| WHAT THE TASK ASKS |
Starting with the line containing "doc.units = 0" and going on through the line containing "doc.linetypes.add('Przekrojowa', pattern=[600, 500, -100])", return the lines of the data below exactly, and only those.

:::

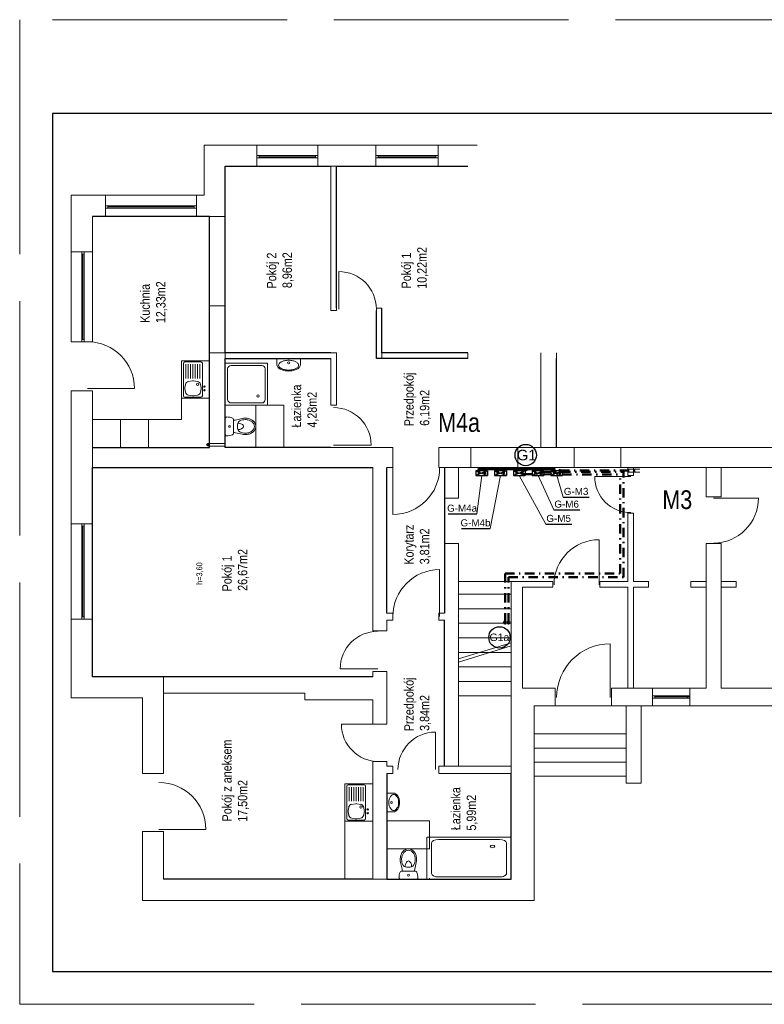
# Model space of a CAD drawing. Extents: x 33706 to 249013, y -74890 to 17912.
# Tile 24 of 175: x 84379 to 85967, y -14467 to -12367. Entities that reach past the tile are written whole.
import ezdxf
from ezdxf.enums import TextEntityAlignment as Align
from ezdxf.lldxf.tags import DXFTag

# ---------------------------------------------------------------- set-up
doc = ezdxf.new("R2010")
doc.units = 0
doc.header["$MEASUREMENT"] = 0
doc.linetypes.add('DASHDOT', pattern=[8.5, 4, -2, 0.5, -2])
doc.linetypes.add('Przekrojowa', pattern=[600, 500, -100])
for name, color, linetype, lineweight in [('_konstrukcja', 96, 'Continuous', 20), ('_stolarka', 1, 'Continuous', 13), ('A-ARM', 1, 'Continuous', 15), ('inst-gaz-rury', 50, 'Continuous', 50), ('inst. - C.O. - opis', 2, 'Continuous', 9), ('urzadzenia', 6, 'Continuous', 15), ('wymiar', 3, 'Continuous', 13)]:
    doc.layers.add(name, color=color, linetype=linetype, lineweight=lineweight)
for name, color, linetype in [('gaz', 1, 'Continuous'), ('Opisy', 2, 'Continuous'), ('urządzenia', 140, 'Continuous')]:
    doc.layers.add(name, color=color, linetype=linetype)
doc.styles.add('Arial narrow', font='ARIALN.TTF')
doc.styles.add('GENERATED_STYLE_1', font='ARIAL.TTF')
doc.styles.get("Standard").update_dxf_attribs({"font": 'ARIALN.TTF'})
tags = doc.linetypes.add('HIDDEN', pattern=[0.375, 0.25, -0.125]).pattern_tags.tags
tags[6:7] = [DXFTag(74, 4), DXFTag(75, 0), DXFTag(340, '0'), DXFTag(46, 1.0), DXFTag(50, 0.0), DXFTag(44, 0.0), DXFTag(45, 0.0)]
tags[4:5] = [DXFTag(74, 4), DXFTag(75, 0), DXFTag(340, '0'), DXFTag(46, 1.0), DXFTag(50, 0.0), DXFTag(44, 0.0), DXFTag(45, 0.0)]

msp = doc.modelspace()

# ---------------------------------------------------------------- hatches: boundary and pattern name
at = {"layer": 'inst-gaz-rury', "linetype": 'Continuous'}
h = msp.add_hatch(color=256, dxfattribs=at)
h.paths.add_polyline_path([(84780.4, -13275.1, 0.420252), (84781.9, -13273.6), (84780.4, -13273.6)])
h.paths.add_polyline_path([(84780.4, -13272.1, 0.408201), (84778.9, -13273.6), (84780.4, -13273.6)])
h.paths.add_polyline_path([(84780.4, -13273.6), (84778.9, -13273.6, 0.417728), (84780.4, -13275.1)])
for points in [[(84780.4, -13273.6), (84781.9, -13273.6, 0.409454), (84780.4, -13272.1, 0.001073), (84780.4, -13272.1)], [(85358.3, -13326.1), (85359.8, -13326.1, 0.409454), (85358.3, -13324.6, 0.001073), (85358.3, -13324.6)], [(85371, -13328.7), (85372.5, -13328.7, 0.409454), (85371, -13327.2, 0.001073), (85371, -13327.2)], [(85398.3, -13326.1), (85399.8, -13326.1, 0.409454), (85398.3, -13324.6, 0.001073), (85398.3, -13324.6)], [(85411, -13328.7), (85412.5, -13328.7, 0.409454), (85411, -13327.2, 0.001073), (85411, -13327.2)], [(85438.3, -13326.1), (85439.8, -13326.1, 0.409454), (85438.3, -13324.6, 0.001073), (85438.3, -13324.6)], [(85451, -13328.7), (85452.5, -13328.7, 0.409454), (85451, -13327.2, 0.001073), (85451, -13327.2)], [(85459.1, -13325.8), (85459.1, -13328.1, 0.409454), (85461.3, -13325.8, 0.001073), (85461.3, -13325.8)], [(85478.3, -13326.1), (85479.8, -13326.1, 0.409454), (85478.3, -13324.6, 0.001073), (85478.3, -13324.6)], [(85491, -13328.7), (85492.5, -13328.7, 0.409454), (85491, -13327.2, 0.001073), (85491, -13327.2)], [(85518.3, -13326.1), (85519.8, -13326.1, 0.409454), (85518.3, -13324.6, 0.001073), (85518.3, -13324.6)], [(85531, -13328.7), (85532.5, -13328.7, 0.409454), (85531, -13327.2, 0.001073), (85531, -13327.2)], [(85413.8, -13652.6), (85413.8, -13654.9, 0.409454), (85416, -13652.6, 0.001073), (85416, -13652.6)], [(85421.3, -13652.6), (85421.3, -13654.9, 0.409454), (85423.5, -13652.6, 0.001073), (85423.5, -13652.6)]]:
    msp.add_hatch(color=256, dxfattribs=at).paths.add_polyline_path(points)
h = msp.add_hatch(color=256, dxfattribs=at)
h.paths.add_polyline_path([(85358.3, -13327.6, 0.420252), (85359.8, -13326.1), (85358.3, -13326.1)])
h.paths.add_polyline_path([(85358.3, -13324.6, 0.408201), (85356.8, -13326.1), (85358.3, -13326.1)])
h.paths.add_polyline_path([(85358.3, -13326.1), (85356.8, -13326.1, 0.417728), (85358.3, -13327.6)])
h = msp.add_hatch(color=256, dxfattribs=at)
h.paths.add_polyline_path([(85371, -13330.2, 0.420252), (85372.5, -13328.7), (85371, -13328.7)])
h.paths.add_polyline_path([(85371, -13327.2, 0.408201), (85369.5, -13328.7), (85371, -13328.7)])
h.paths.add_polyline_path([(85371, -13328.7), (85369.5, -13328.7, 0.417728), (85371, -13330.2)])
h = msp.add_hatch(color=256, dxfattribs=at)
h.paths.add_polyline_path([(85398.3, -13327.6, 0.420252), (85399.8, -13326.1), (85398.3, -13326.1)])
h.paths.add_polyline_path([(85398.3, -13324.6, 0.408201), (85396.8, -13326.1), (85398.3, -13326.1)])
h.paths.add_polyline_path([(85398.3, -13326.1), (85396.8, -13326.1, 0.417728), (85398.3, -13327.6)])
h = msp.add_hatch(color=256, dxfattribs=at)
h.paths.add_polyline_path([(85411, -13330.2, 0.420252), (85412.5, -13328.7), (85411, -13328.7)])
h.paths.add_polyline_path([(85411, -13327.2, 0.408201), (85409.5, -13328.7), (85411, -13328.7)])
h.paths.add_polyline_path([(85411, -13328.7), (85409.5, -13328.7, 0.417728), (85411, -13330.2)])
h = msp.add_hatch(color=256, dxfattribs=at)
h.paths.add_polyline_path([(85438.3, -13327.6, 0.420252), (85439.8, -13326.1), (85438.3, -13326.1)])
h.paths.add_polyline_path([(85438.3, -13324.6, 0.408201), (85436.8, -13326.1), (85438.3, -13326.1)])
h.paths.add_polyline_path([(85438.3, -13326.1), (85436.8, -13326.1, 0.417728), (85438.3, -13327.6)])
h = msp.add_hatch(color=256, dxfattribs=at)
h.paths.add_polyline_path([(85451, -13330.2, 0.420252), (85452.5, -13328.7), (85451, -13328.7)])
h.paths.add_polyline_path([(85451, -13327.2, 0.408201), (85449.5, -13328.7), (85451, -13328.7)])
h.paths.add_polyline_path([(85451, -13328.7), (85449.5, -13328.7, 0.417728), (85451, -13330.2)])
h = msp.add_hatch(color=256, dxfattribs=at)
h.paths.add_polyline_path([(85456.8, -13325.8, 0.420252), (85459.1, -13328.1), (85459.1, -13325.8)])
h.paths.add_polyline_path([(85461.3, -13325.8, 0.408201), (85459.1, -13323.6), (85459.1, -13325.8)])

:::

| SOLUTION TO THIS TASK |
doc.units = 0
doc.header["$MEASUREMENT"] = 0
doc.linetypes.add('DASHDOT', pattern=[8.5, 4, -2, 0.5, -2])
doc.linetypes.add('Przekrojowa', pattern=[600, 500, -100])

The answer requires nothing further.